My lil girl has sandifers syndrome any other mamas out there with a baby with sandifers?


----------



## wifey29

Hi, my ds has just been diagnosed with sandifers caused by silent reflux. It's horrible. Does your lo have reflux witg it? How are you coping? We're struggling atm and ended up in a&e today as we couldn't calm him down. I really hope he grows out of it soon x


----------



## beatnick

it was possible that zakk had sandifers alongside reflux. 

when he was eating he would clench his fists and shake. it completely terrified me. 

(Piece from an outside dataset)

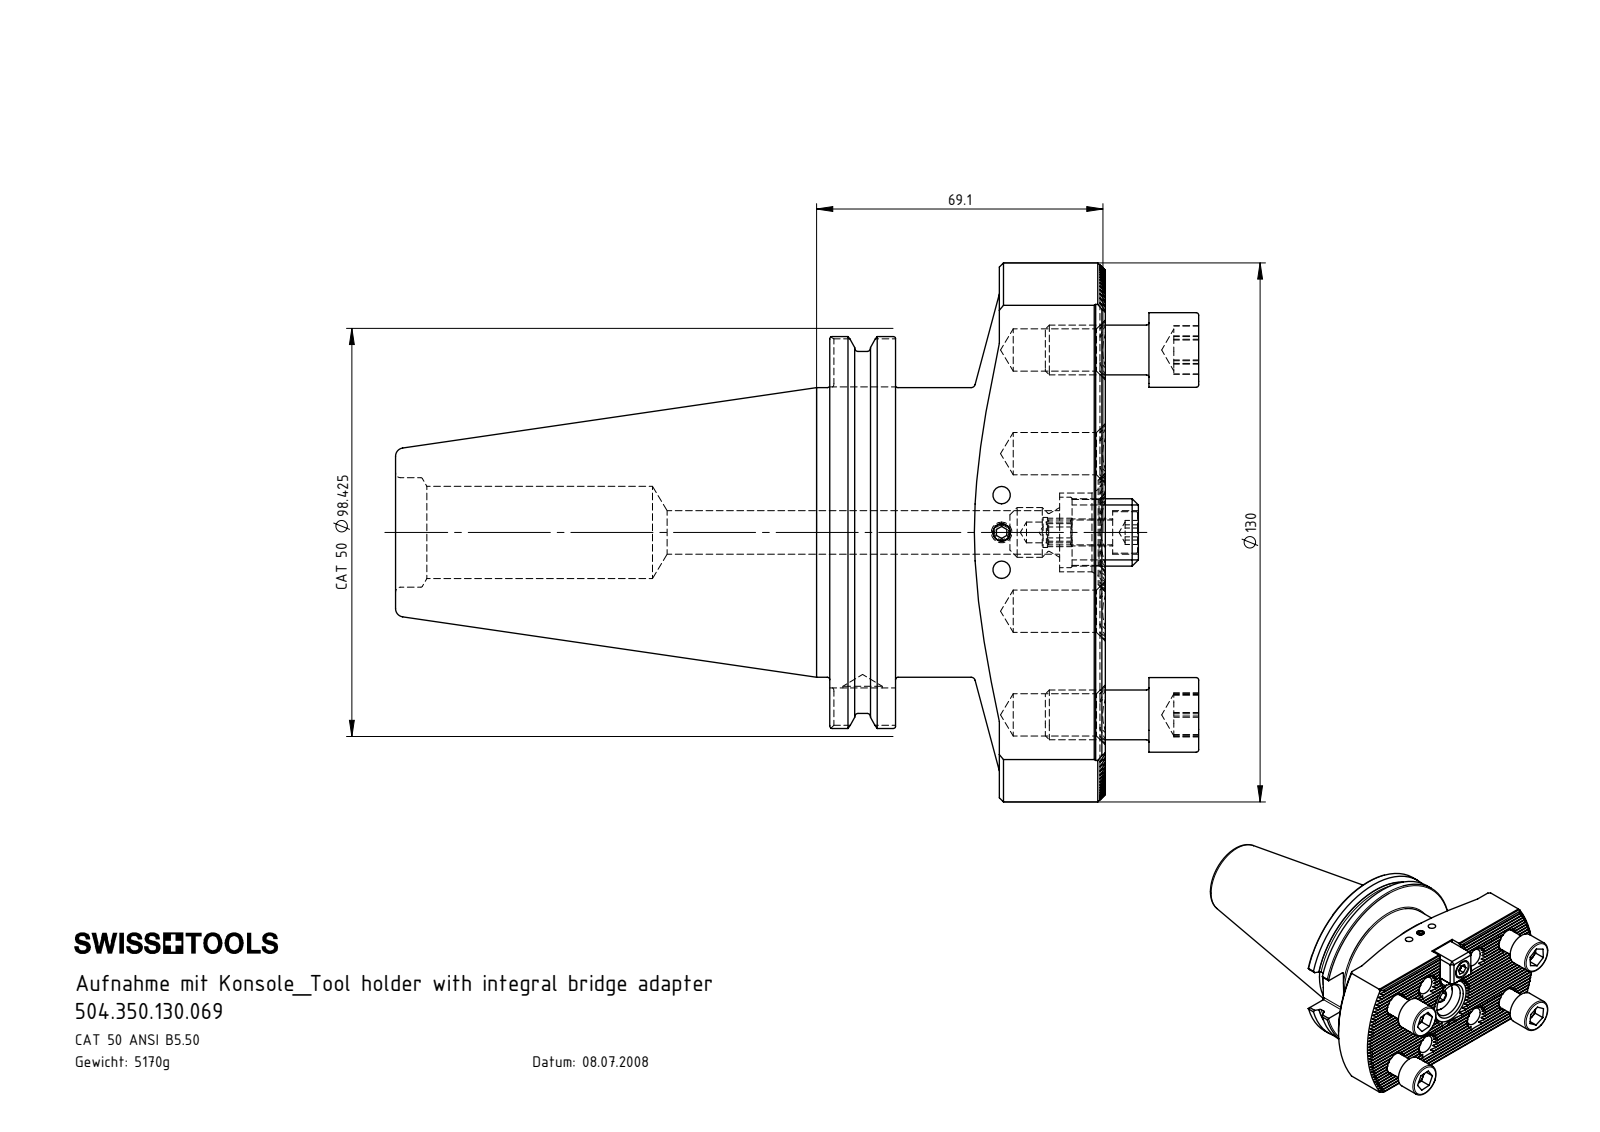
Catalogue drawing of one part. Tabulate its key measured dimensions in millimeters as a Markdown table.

we went to see a specialist and she didnt really diagnose him. just said it was an effect of his reflux burning his throat. 

we were advised to use ranitadine and contnue with the gavo. 

he just stopped doing it one day and has never done it since. much like the reflux i guess!


----------



## beatnick

ps zakks reflux stopped at about 10 months and my second baby doesnt have it (makes me realise in hindsight how blimmin tough reflux makes everything)

there is hope..!


----------



## wifey29

William shakes at times too. His whole body will tremble and he goes bright red. Scared the crap out of me the first time he did it. Mostly he does the classic sandifers move of head thrown back to one side and legs to the other. We're going to have to move him out of his moses basket soon because he does it in his sleep and ends up with his nose pressed up against the edge. We now have him on ranitidine which has helped a bit. We also have domperidone in the cupboard if we feel we need it. Have either of you guys tried colic calm? I've heard that it helps. x

Glad to hear that Zakk's reflux stopped. That seems like a long way off at the moment, but it's good to know that we will get there eventually. It's very true that reflux makes everything hard.


----------



## Crayz

Am i too late to post here?

I swore my daughter had this for awhile. She was a preemie and had an NG tube for almost 5 weeks in the NICU (I've heard the NG tube can make reflux worse).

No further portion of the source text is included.